Print out each record below, unaltered and complete, without its images.

◆ Entries provided ◆
====

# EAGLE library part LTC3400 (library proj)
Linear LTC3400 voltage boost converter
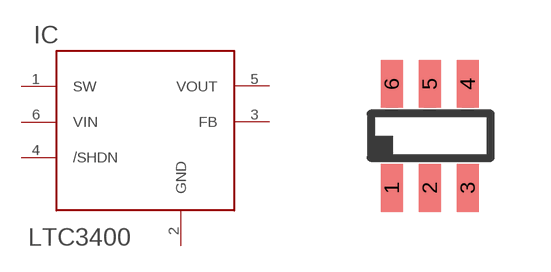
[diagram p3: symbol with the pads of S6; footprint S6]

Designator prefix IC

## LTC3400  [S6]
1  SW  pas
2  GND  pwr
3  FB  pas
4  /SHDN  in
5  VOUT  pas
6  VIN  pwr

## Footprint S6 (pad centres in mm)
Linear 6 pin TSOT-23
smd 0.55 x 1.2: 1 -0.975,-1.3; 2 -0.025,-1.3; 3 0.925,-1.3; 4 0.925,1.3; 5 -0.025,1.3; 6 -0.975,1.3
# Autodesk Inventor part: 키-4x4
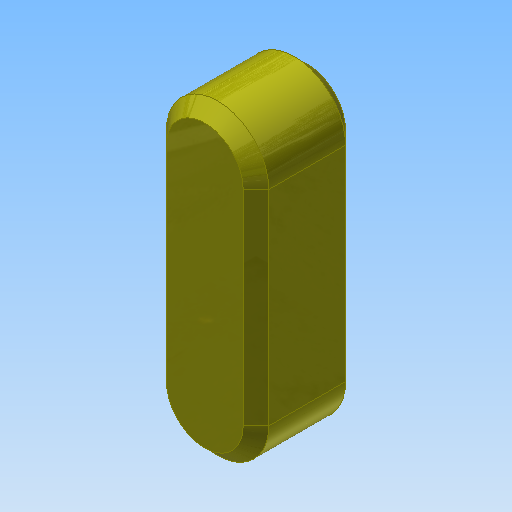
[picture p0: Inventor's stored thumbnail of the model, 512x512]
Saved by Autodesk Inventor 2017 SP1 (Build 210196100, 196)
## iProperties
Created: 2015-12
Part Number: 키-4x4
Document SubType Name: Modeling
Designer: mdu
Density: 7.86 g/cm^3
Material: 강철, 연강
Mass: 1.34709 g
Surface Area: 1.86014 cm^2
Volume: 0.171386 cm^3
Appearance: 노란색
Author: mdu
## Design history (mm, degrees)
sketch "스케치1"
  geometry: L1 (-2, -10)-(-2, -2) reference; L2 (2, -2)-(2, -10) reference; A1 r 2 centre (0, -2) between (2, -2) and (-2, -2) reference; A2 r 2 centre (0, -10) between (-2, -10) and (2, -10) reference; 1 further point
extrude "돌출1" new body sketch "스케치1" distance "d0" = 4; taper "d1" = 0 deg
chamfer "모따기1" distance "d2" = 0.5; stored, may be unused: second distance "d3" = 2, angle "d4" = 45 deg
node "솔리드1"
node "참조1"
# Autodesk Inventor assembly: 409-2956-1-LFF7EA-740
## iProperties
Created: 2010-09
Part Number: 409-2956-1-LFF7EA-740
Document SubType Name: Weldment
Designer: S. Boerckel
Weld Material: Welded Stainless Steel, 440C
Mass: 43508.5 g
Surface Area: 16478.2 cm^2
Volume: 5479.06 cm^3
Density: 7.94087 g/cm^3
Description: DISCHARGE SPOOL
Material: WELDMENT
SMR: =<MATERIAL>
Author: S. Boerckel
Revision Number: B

====

◆ Result for this exercise ◆
# EAGLE library part LTC3400 (library proj)
Linear LTC3400 voltage boost converter
[diagram p3: symbol with the pads of S6; footprint S6]

Designator prefix IC

## LTC3400  [S6]
1  SW  pas
2  GND  pwr
3  FB  pas
4  /SHDN  in
5  VOUT  pas
6  VIN  pwr

## Footprint S6 (pad centres in mm)
Linear 6 pin TSOT-23
smd 0.55 x 1.2: 1 -0.975,-1.3; 2 -0.025,-1.3; 3 0.925,-1.3; 4 0.925,1.3; 5 -0.025,1.3; 6 -0.975,1.3
# Autodesk Inventor part: 키-4x4
[picture p0: Inventor's stored thumbnail of the model, 512x512]
Saved by Autodesk Inventor 2017 SP1 (Build 210196100, 196)
## iProperties
Created: 2015-12
Part Number: 키-4x4
Document SubType Name: Modeling
Designer: mdu
Density: 7.86 g/cm^3
Material: 강철, 연강
Mass: 1.34709 g
Surface Area: 1.86014 cm^2
Volume: 0.171386 cm^3
Appearance: 노란색
Author: mdu
## Design history (mm, degrees)
sketch "스케치1"
  geometry: L1 (-2, -10)-(-2, -2) reference; L2 (2, -2)-(2, -10) reference; A1 r 2 centre (0, -2) between (2, -2) and (-2, -2) reference; A2 r 2 centre (0, -10) between (-2, -10) and (2, -10) reference; 1 further point
extrude "돌출1" new body sketch "스케치1" distance "d0" = 4; taper "d1" = 0 deg
chamfer "모따기1" distance "d2" = 0.5; stored, may be unused: second distance "d3" = 2, angle "d4" = 45 deg
node "솔리드1"
node "참조1"
# Autodesk Inventor assembly: 409-2956-1-LFF7EA-740
## iProperties
Created: 2010-09
Part Number: 409-2956-1-LFF7EA-740
Document SubType Name: Weldment
Designer: S. Boerckel
Weld Material: Welded Stainless Steel, 440C
Mass: 43508.5 g
Surface Area: 16478.2 cm^2
Volume: 5479.06 cm^3
Density: 7.94087 g/cm^3
Description: DISCHARGE SPOOL
Material: WELDMENT
SMR: =<MATERIAL>
Author: S. Boerckel
Revision Number: B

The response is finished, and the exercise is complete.